- For Noodles
- Egg Noodles :1 pack
- Water : 3-4 litres
- National Iodized Salt : 2 tablespoons
- For Sauce
- Oil : 4 tablespoons
- Chicken Julienne : 250 gm
- National Ginger Garlic Paste : 1 tablespoon
- National Chicken Jalfrezi Masala : 1 tablespoon
- Crushed Chili : 1 teaspoon
- National Ketchup : 3 tablespoons
- National Chili Garlic Sauce : 2 tablespoons
- National Soy Sauce : 1 tablespoon
- National Vinegar : 1 tablespoon
- Water : 1/2 cup
- National Iodized Salt : to taste
- National Black Pepper powder : 1 teaspoon
- Cabbage Shredded : 1 cup
- Carrots Julian : 1/2 cup
- Capsicum : 1
- Green Chili (split in half) : 3-4 optional
- Boiled Noodles : 1 pack
- Spring Onion Chopped : 2 tablespoons
Boil water in a pot for at least 10 minutes. Add some National Iodized Salt into it.
Then add noodles into the boiling water and let it boil.
Drain all of the water through a strainer leaving behind the boiled noodles in it. Pass the strainer through tap water and keep aside the noodles.

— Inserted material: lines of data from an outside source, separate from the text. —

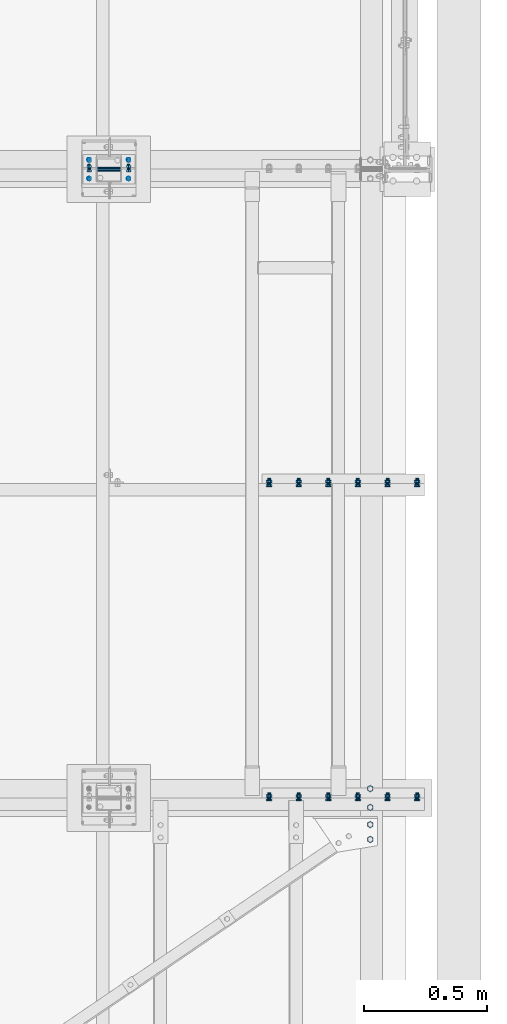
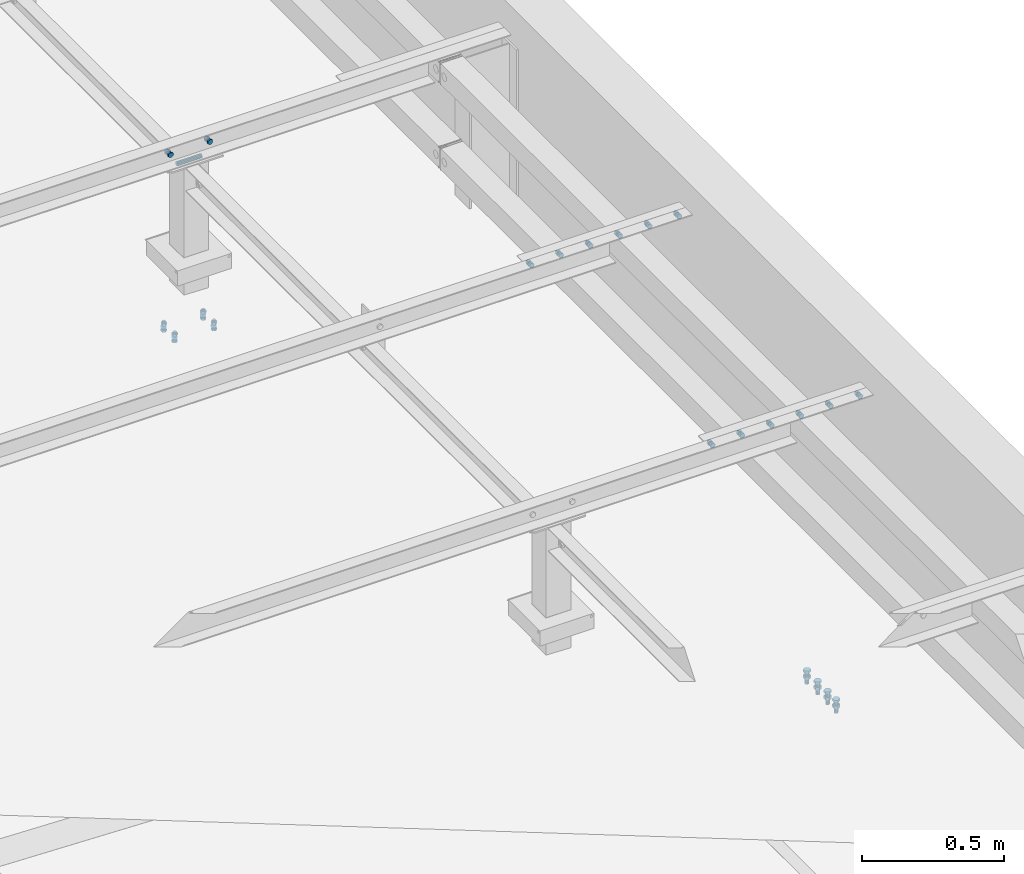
# One storey, part 344 of 3134: 7 mechanical fasteners, 7 elements without a shape of their own.
"""IFC2X3 building model written with IfcOpenShell, lengths in millimetres."""

from ifc_helpers import new_model, si_unit, frame, origin_with_axes, place, context, subcontext, project, spatial, faceted_brep, source, transform, mapped, material, type_object, element, aggregate, save


model = new_model("IFC2X3")

# Units and contexts
model_context = context("Model", 3, precision=1e-05, world=origin_with_axes())
body_context = subcontext(model_context, "Body", "Model", "MODEL_VIEW")
ifc_project = project(units=[si_unit("LENGTHUNIT", "METRE", prefix="MILLI"), si_unit("AREAUNIT", "SQUARE_METRE"), si_unit("VOLUMEUNIT", "CUBIC_METRE"), si_unit("MASSUNIT", "GRAM", prefix="KILO"), si_unit("TIMEUNIT", "SECOND"), si_unit("PLANEANGLEUNIT", "RADIAN"), si_unit("SOLIDANGLEUNIT", "STERADIAN"), si_unit("THERMODYNAMICTEMPERATUREUNIT", "DEGREE_CELSIUS"), si_unit("LUMINOUSINTENSITYUNIT", "LUMEN")], contexts=[model_context])

# Site, building, storey
site_placement = place(None, origin_with_axes())
site = spatial("IfcSite", under=ifc_project, at=site_placement, CompositionType="ELEMENT")
building_placement = place(site_placement, origin_with_axes())
building = spatial("IfcBuilding", under=site, at=building_placement, Name="Undefined", CompositionType="ELEMENT")
storey_placement = place(building_placement, origin_with_axes())
storey = spatial("IfcBuildingStorey", under=building, at=storey_placement, Name="Undefined", CompositionType="ELEMENT", Elevation=0.0)

# Assembly, mechanical fastener
assembly_1_placement = place(storey_placement, origin_with_axes())
assembly_1 = element("IfcElementAssembly", 1, at=assembly_1_placement, inside=storey, AssemblyPlace="NOTDEFINED", PredefinedType="RIGID_FRAME")
ifc_material = material(Name="8.8")
mechanical_fastener_type = type_object("IfcMechanicalFastenerType", Name="Bolt assembly")
shared_shape_1 = source(origin_with_axes(), body_context, "Body", "Brep", [
    faceted_brep([(7.0, 13.0000253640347, 0.0), (6.06217782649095, 13.0000253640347, 3.50000000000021), (3.49999999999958, 13.0000253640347, 6.06217782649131), (-7.25435187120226e-13, 13.0000253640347, 7.0), (-3.50000000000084, 13.0000253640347, 6.06217782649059), (-6.06217782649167, 13.0000253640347, 3.49999999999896), (-7.0, 13.0000253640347, -1.45087037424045e-12), (-6.06217782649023, 13.0000253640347, -3.50000000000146), (-3.49999999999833, 13.0000253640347, -6.06217782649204), (2.1685340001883e-12, 13.0000253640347, -7.0), (3.50000000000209, 13.0000253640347, -6.06217782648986), (6.0621778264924, 13.0000253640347, -3.4999999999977), (6.0621778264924, 15.0999999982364, -3.4999999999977), (3.50000000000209, 15.0999999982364, -6.06217782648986), (2.1685340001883e-12, 15.0999999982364, -7.0), (-3.49999999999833, 15.0999999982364, -6.06217782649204), (-6.06217782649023, 15.0999999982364, -3.50000000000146), (-7.0, 15.0999999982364, -1.45087037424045e-12), (-6.06217782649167, 15.0999999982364, 3.49999999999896), (-3.50000000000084, 15.0999999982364, 6.06217782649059), (-7.25435187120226e-13, 15.0999999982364, 7.0), (3.49999999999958, 15.0999999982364, 6.06217782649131), (6.06217782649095, 15.0999999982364, 3.50000000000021), (7.0, 15.0999999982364, 0.0)], [[[0, 1, 2, 3, 4, 5, 6, 7, 8, 9, 10, 11]], [[12, 13, 14, 15, 16, 17, 18, 19, 20, 21, 22, 23]], [[0, 23, 22, 1]], [[1, 22, 21, 2]], [[2, 21, 20, 3]], [[3, 20, 19, 4]], [[4, 19, 18, 5]], [[5, 18, 17, 6]], [[6, 17, 16, 7]], [[7, 16, 15, 8]], [[8, 15, 14, 9]], [[9, 14, 13, 10]], [[10, 13, 12, 11]], [[11, 12, 23, 0]]]),
])
mechanical_fastener_1_placement = place(assembly_1_placement, frame((78024.3451187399, 7688.0, 5102.2772055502), z_axis=(-0.99951962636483, 0.0, 0.0309922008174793), x_axis=(0.0, -1.0, 0.0)))
mechanical_fastener_1 = element("IfcMechanicalFastener", 2, at=mechanical_fastener_1_placement, type_object=mechanical_fastener_type, material=ifc_material, Name="Bolt assembly", NominalDiameter=12.0, NominalLength=2.0, context=body_context, shape_type="MappedRepresentation", body=[
    mapped(shared_shape_1, transform((0.0, -5.32963895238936e-10, -79.9999999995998))),
    mapped(shared_shape_1, transform((76.0, -5.32963895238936e-10, -79.9999999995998))),
    mapped(shared_shape_1, transform((0.0, 5.3114490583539e-10, 79.9999999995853))),
    mapped(shared_shape_1, transform((76.0, 5.3114490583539e-10, 79.9999999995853))),
])
aggregate(assembly_1, [mechanical_fastener_1])

assembly_2_placement = place(storey_placement, origin_with_axes())
assembly_2 = element("IfcElementAssembly", 3, at=assembly_2_placement, inside=storey, AssemblyPlace="NOTDEFINED", PredefinedType="RIGID_FRAME")
shared_shape_2 = source(origin_with_axes(), body_context, "Body", "Brep", [
    faceted_brep([(9.0, -50.0, 0.0), (7.79422863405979, -50.0, 4.50000000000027), (4.49999999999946, -50.0, 7.79422863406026), (-9.3270238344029e-13, -50.0, 9.0), (-4.50000000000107, -50.0, 7.79422863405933), (-7.79422863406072, -50.0, 4.49999999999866), (-9.0, -50.0, -1.86540476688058e-12), (-7.79422863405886, -50.0, -4.50000000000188), (-4.49999999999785, -50.0, -7.79422863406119), (2.78811514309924e-12, -50.0, -9.0), (4.50000000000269, -50.0, -7.7942286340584), (7.79422863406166, -50.0, -4.49999999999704), (7.79422863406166, 50.1, -4.49999999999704), (4.50000000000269, 50.1, -7.7942286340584), (2.78811514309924e-12, 50.1, -9.0), (-4.49999999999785, 50.1, -7.79422863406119), (-7.79422863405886, 50.1, -4.50000000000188), (-9.0, 50.1, -1.86540476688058e-12), (-7.79422863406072, 50.1, 4.49999999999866), (-4.50000000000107, 50.1, 7.79422863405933), (-9.3270238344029e-13, 50.1, 9.0), (4.49999999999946, 50.1, 7.79422863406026), (7.79422863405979, 50.1, 4.50000000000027), (9.0, 50.1, 0.0)], [[[0, 1, 2, 3, 4, 5, 6, 7, 8, 9, 10, 11]], [[12, 13, 14, 15, 16, 17, 18, 19, 20, 21, 22, 23]], [[0, 23, 22, 1]], [[1, 22, 21, 2]], [[2, 21, 20, 3]], [[3, 20, 19, 4]], [[4, 19, 18, 5]], [[5, 18, 17, 6]], [[6, 17, 16, 7]], [[7, 16, 15, 8]], [[8, 15, 14, 9]], [[9, 14, 13, 10]], [[10, 13, 12, 11]], [[11, 12, 23, 0]]]),
])
mechanical_fastener_2_placement = place(assembly_2_placement, frame((78025.0, 7650.0, 5830.0), z_axis=(0.0, 1.0, 0.0), x_axis=(0.0, 0.0, 1.0)))
mechanical_fastener_2 = element("IfcMechanicalFastener", 4, at=mechanical_fastener_2_placement, type_object=mechanical_fastener_type, material=ifc_material, Name="Bolt assembly", NominalDiameter=16.0, NominalLength=100.0, context=body_context, shape_type="MappedRepresentation", body=[
    mapped(shared_shape_2, transform((0.0, 0.0, 0.0))),
])
aggregate(assembly_2, [mechanical_fastener_2])

assembly_3_placement = place(storey_placement, origin_with_axes())
assembly_3 = element("IfcElementAssembly", 5, at=assembly_3_placement, inside=storey, AssemblyPlace="NOTDEFINED", PredefinedType="RIGID_FRAME")
shared_shape_3 = source(origin_with_axes(), body_context, "Body", "Brep", [
    faceted_brep([(10.9696551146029, -12.0, 0.0), (5.48482755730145, -12.0, 9.5), (-5.48482755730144, -12.0, 9.5), (-10.9696551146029, -12.0, 1.34339530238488e-15), (-5.48482755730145, -12.0, -9.5), (5.48482755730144, -12.0, -9.50000000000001), (5.48482755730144, -4.0, -9.50000000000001), (-5.48482755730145, -4.0, -9.5), (-10.9696551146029, -4.0, 1.34339530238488e-15), (-5.48482755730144, -4.0, 9.5), (5.48482755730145, -4.0, 9.5), (10.9696551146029, -4.0, 0.0), (6.0, -4.0, 0.0), (5.19615242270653, -4.0, 3.00000000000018), (2.99999999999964, -4.0, 5.19615242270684), (-6.21801588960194e-13, -4.0, 6.0), (-3.00000000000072, -4.0, 5.19615242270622), (-5.19615242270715, -4.0, 2.9999999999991), (-6.0, -4.0, -1.24360317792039e-12), (-5.19615242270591, -4.0, -3.00000000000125), (-2.99999999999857, -4.0, -5.19615242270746), (1.85874342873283e-12, -4.0, -6.0), (3.00000000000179, -4.0, -5.1961524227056), (5.19615242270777, -4.0, -2.99999999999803), (5.19615242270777, 21.0, -2.99999999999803), (3.00000000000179, 21.0, -5.1961524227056), (1.85874342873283e-12, 21.0, -6.0), (-2.99999999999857, 21.0, -5.19615242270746), (-5.19615242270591, 21.0, -3.00000000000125), (-6.0, 21.0, -1.24360317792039e-12), (-5.19615242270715, 21.0, 2.9999999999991), (-3.00000000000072, 21.0, 5.19615242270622), (-6.21801588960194e-13, 21.0, 6.0), (2.99999999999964, 21.0, 5.19615242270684), (5.19615242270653, 21.0, 3.00000000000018), (6.0, 21.0, 0.0), (10.9696551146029, 6.00000000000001, 0.0), (5.48482755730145, 6.00000000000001, 9.5), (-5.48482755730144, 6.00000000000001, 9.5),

Heat oil in a large wok and stir fry chicken for 3-4 minutes.
To this add National Ginger Garlic Paste, National Chicken Jalfrezi Masala, crushed chilli, National Ketchup, National Soy Sauce, National Vinegar and water.
Cook till it starts getting thick.
Season with National Iodized Salt and National Black Pepper.
Now add all the vegetables and cook for few minutes.
Add noodles and toss it well, add little water if needed.
Garnish with spring onions and serve.